Logistic regression analysis showed that one significant prognostic variable for clinical pregnancy: maternal age (as categorical variable); it means that in women younger than 33 years old, the chance of clinical pregnancy increased 1.6- fold. Our results were in line with Chuang et al. (19) that age is a good predictor for pregnancy potential. Implantation, pregnancy and live birth rates in women younger than 33 years old in both groups (ET2 and ET3) were higher than older women.

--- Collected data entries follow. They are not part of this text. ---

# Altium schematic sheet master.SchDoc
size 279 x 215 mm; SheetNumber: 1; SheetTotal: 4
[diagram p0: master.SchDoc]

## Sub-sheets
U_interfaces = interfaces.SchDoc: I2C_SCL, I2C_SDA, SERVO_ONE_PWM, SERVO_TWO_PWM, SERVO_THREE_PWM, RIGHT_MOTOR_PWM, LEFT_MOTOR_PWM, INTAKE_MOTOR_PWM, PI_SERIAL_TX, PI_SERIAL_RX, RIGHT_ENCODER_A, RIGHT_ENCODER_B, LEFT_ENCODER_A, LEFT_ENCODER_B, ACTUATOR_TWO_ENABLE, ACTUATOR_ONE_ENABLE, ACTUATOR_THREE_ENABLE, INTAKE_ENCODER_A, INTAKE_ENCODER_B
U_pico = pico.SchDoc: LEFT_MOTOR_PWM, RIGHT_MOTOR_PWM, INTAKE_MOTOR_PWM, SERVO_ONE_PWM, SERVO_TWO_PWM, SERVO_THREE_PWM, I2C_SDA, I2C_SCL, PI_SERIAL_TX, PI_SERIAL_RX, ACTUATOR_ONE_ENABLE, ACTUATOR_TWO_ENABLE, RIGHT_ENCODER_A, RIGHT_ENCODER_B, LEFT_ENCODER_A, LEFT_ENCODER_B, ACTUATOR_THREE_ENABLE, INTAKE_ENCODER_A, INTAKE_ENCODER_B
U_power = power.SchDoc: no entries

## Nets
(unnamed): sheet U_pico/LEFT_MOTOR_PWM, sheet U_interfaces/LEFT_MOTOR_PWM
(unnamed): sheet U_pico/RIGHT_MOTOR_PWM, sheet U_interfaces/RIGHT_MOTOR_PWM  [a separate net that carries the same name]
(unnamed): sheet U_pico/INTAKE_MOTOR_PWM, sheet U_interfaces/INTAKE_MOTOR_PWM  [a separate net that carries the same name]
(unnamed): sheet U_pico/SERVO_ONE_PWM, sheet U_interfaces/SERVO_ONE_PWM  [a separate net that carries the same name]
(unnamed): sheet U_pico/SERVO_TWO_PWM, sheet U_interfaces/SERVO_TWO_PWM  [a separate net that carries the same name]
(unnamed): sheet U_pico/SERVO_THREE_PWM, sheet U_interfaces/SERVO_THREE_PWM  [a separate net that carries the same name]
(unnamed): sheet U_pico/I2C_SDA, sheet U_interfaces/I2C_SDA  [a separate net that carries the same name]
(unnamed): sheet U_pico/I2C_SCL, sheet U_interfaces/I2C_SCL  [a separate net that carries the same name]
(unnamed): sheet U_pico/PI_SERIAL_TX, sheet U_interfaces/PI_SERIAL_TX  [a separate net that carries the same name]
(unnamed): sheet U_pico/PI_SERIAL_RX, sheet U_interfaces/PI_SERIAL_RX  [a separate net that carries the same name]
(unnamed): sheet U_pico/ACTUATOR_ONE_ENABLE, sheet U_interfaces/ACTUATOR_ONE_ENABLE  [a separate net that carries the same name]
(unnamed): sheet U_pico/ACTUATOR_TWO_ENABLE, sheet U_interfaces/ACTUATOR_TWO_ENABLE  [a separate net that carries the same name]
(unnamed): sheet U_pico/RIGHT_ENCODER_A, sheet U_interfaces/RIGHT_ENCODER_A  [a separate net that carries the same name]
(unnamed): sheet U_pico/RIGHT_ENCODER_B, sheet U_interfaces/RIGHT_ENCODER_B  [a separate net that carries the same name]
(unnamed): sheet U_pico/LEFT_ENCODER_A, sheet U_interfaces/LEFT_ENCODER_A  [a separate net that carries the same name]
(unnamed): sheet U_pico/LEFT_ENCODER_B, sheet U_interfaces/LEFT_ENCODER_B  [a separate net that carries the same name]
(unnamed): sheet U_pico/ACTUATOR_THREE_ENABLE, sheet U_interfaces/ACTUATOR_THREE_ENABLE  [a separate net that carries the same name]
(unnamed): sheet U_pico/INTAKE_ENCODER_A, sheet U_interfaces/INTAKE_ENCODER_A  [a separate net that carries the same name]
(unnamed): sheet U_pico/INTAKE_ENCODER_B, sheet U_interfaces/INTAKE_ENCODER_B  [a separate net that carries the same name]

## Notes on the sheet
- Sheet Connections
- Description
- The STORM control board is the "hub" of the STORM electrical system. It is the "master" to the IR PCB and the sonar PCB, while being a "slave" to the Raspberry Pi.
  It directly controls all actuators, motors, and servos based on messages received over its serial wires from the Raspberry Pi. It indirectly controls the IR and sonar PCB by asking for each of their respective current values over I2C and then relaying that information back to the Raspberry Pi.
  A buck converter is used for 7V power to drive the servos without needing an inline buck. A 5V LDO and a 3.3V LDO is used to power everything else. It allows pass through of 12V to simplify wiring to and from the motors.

On the other hand, logistic regression analysis indicated two significant prognostic variables for live birth that were quality and number of transferred embryos; it means that the chance of live birth following ICSI treatment increased 3.2-fold when the embryo with top quality (grade A) was transferred. Our result is in agreement to Dennis et al. (20) study, in which they suggested that embryo grade is a significant predictor for live birth rate. But the number of ET had an inverse relationship; it means that probability of live birth in women with transfer of two embryos was three times greater than those who had three embryos transferred.
One of the limitations of this study comes from its retrospective nature; however, we tried with regression test to control confounding factors.
Present study was performed in fresh ET cycles, and because the probability of no synchronization between the time of fresh ET and the window of implantation in the endometrium is existed (21), we suggest future study to evaluate the association between number of embryos transferred and live birth rate in cycles with frozen and/or blastocyst stage ETs.
According to a recent guideline, women aged 35 years or younger, in first or second IVF attempt, with at least 2 good quality embryos transferred should be considered as good-prognosis patients, and the eSET strategy should be used in order to avoid multiple pregnancies (9). In our study, the rate of twin pregnancy in women with double ET was 27%, which is not acceptable; therefore, it is recommended that the eSET strategy be considered, although there are no executive arrangements to enable our institution to enforce the eSET strategy. Moreover it is important to remind the patients about the high risk nature of multiple pregnancies that requires equipped labor which may not be available in some rural or smaller areas. Concerns in relation to multiple pregnancies and even twin pregnancy resulting from ART specify the importance of counseling before ET for IVF patients (22).
Due to the difficulty of implementing the eSET strategy in some infertility centers in the world including Iran, we suggest transferring of a maximum of two embryos with at least one good quality embryo for good prognosis women aged 39 years or younger. However, further clinical trials are required to evaluate the effect of the number of embryos transferred (single versus double ET) for women in different age groups using fresh or frozen ET technique.